Try it
Go through the entries below and tally the lines holding "name"; please reply with the number only.

_ _ _

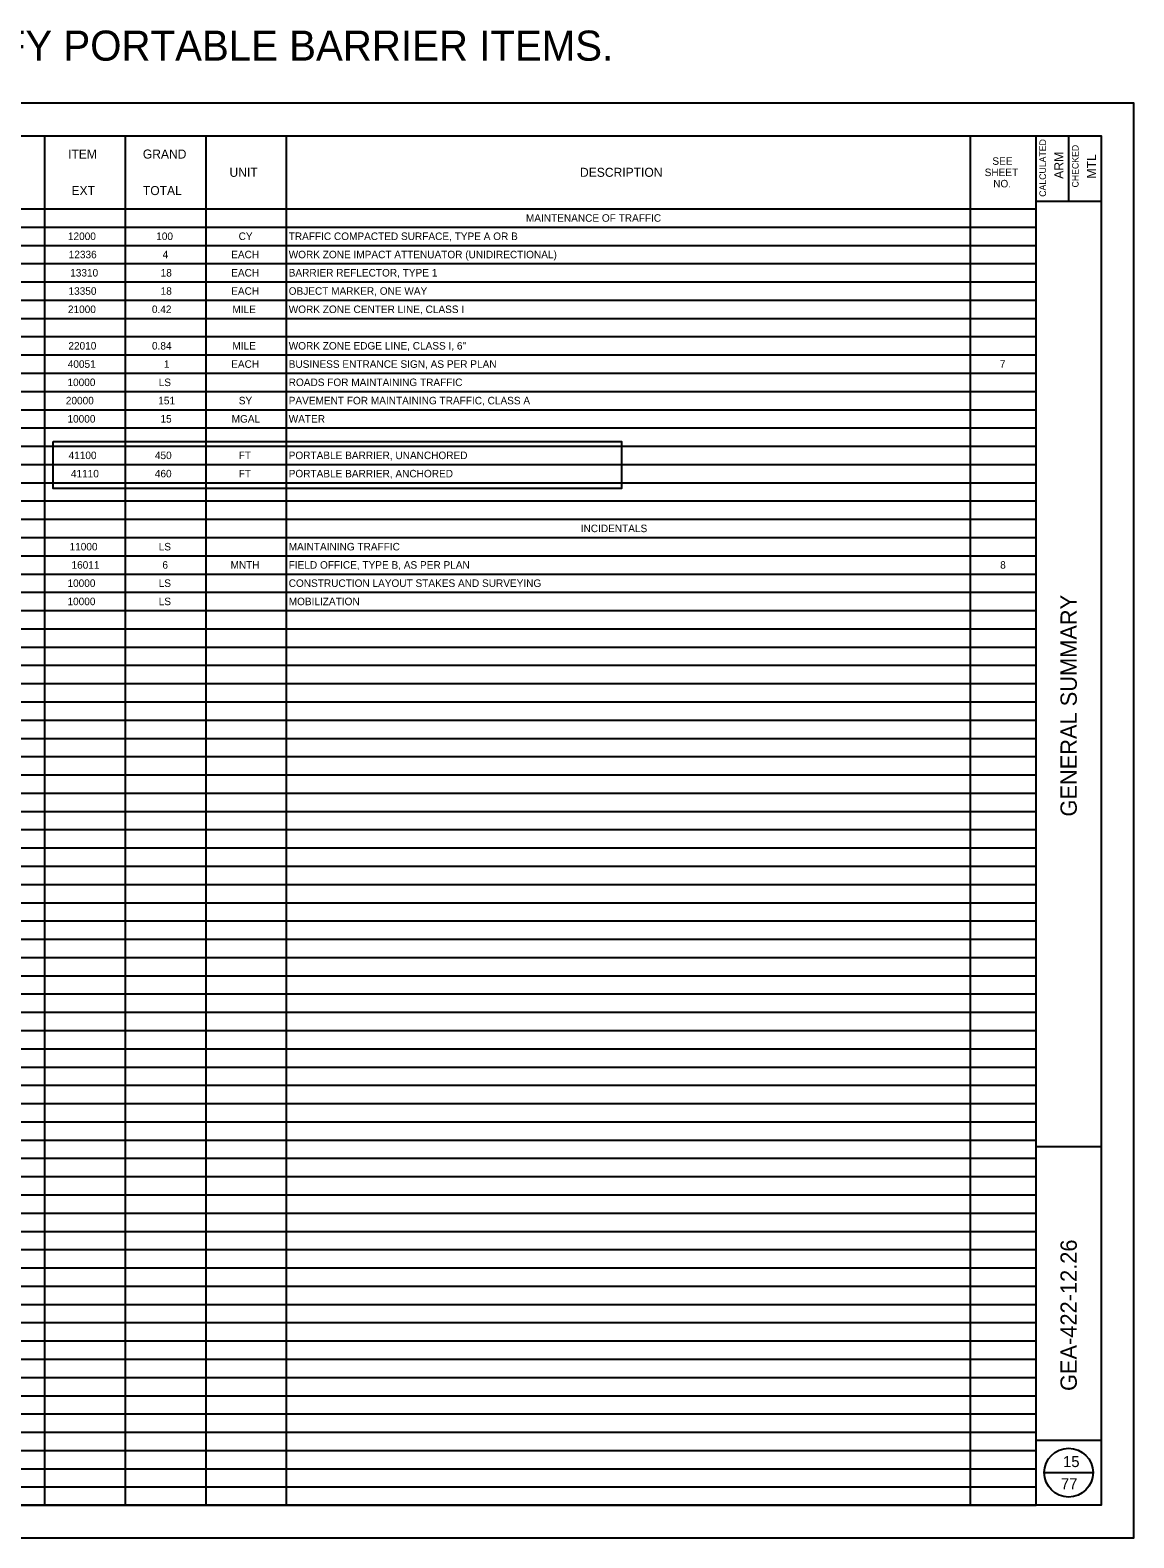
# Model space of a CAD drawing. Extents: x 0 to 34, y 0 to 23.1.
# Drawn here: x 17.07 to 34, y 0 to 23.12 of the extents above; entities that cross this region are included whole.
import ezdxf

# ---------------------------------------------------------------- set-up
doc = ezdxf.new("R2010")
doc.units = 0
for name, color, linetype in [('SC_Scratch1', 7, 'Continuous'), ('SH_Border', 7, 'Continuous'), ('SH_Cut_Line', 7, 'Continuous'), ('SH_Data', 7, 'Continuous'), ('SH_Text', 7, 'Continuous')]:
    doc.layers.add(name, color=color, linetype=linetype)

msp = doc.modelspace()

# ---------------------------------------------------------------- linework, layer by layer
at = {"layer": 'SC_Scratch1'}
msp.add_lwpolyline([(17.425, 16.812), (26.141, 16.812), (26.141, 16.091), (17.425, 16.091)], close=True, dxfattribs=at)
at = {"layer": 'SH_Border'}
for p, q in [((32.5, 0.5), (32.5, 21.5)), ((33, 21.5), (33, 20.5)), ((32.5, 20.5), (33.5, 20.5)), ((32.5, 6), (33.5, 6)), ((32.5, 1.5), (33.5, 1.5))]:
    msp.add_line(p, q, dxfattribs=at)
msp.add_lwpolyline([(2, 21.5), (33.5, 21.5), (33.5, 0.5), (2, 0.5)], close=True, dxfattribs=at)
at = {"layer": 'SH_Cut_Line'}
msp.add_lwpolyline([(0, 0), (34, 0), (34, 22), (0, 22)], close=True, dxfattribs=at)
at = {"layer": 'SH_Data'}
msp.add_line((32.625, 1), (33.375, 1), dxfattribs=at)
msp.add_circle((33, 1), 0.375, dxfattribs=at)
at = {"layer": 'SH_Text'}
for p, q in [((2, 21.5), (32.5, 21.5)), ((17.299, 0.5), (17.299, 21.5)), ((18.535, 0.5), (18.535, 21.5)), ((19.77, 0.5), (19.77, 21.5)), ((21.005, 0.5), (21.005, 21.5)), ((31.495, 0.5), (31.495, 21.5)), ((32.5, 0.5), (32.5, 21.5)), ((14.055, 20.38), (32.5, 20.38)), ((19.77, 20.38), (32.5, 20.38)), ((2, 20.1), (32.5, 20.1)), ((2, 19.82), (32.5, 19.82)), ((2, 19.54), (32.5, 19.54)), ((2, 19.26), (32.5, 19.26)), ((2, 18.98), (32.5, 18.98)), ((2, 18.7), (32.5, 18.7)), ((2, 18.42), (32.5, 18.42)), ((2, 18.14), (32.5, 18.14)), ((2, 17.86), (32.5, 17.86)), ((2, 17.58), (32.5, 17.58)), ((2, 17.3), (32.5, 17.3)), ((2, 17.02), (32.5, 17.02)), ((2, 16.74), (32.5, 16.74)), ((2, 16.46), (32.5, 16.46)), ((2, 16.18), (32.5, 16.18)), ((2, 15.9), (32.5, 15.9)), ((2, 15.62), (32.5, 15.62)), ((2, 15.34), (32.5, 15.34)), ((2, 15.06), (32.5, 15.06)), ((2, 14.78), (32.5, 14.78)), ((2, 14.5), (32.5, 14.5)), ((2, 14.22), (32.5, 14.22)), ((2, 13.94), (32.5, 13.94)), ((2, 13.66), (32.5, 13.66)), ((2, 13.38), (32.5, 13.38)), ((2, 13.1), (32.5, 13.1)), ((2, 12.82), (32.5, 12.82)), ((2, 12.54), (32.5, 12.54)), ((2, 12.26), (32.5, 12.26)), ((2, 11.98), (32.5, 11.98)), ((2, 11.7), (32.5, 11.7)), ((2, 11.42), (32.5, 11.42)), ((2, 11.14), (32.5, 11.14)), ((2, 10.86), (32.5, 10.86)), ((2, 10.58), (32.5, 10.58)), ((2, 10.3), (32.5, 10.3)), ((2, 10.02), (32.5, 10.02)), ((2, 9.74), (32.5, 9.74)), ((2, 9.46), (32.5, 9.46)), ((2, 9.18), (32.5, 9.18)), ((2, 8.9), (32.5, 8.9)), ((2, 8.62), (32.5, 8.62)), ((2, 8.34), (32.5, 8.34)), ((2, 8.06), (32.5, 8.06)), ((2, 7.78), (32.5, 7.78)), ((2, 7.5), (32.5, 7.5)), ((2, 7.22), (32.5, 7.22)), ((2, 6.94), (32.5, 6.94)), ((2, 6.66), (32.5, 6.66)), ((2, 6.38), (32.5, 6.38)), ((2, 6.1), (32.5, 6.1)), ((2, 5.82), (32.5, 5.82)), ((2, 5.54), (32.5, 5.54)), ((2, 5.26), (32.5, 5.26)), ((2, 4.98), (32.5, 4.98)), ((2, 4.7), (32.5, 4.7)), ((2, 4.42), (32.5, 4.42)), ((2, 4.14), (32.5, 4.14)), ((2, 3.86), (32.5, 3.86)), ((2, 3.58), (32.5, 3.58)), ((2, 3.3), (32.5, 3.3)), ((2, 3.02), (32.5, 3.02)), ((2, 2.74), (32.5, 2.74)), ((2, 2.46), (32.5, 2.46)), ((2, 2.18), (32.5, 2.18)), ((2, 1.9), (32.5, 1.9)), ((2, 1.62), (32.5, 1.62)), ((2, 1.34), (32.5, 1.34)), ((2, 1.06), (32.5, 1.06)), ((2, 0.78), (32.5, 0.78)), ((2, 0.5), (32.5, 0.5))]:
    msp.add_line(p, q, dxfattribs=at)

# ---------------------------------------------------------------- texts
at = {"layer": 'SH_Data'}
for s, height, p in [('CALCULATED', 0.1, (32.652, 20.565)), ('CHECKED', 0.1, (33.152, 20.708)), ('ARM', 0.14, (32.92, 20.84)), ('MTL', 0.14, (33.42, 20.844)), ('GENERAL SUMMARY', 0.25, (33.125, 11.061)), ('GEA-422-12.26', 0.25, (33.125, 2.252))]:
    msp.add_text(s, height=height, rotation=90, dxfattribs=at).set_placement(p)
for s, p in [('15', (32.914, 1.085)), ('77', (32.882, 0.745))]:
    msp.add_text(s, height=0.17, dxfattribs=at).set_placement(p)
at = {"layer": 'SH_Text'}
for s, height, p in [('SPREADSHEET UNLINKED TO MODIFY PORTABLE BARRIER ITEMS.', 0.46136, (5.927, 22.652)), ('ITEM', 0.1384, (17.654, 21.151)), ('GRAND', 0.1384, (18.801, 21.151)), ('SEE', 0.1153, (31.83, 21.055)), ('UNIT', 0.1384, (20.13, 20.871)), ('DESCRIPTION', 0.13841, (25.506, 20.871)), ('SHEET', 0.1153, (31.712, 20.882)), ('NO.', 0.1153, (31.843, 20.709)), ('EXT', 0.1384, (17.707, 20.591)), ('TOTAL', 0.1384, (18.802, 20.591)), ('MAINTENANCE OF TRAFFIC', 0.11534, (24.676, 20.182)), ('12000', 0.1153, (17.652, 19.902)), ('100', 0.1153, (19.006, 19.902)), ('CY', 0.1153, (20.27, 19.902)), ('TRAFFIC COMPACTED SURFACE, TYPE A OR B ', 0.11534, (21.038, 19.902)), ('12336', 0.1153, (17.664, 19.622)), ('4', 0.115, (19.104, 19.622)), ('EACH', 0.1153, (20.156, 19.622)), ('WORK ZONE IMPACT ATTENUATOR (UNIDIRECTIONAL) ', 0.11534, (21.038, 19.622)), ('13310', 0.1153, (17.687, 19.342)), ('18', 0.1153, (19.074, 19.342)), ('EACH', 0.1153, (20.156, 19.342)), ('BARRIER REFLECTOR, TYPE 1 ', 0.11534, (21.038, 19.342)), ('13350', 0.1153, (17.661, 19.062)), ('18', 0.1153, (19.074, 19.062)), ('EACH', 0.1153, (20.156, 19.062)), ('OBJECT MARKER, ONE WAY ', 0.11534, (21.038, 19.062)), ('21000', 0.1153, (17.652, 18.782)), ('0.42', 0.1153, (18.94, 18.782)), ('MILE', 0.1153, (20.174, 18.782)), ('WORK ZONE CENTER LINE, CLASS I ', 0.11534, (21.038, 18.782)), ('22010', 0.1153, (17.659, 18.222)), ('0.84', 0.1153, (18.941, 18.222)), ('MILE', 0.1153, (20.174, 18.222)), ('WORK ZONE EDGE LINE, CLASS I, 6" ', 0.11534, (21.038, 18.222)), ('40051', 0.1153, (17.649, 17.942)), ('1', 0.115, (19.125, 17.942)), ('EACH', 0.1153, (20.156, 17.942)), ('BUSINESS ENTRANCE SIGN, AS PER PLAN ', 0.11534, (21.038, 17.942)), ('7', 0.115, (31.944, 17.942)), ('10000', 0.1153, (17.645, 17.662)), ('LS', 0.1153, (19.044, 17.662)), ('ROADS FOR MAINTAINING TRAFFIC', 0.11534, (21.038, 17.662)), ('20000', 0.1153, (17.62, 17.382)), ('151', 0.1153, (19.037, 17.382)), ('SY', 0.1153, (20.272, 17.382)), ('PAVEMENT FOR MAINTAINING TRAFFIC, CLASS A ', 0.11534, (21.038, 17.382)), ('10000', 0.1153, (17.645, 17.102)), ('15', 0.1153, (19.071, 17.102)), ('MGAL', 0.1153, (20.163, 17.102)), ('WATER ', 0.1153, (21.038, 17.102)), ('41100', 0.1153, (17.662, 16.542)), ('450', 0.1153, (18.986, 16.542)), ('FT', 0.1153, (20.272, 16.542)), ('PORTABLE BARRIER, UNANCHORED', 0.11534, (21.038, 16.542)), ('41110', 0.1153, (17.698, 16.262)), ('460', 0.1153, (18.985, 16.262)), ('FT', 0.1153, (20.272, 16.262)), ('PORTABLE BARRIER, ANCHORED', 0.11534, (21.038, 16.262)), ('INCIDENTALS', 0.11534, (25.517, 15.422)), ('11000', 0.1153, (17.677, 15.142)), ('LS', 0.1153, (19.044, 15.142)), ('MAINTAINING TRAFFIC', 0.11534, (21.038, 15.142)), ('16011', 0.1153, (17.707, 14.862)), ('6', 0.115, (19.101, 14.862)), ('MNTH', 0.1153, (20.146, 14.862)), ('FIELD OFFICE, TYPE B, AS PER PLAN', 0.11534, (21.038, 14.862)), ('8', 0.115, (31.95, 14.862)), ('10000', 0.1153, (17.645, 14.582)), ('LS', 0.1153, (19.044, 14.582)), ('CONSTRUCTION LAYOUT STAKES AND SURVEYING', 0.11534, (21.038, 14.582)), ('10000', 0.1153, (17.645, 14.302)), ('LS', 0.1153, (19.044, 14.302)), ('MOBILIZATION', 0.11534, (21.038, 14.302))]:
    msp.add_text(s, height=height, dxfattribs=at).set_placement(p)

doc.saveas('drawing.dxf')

_ _ _

Response box
2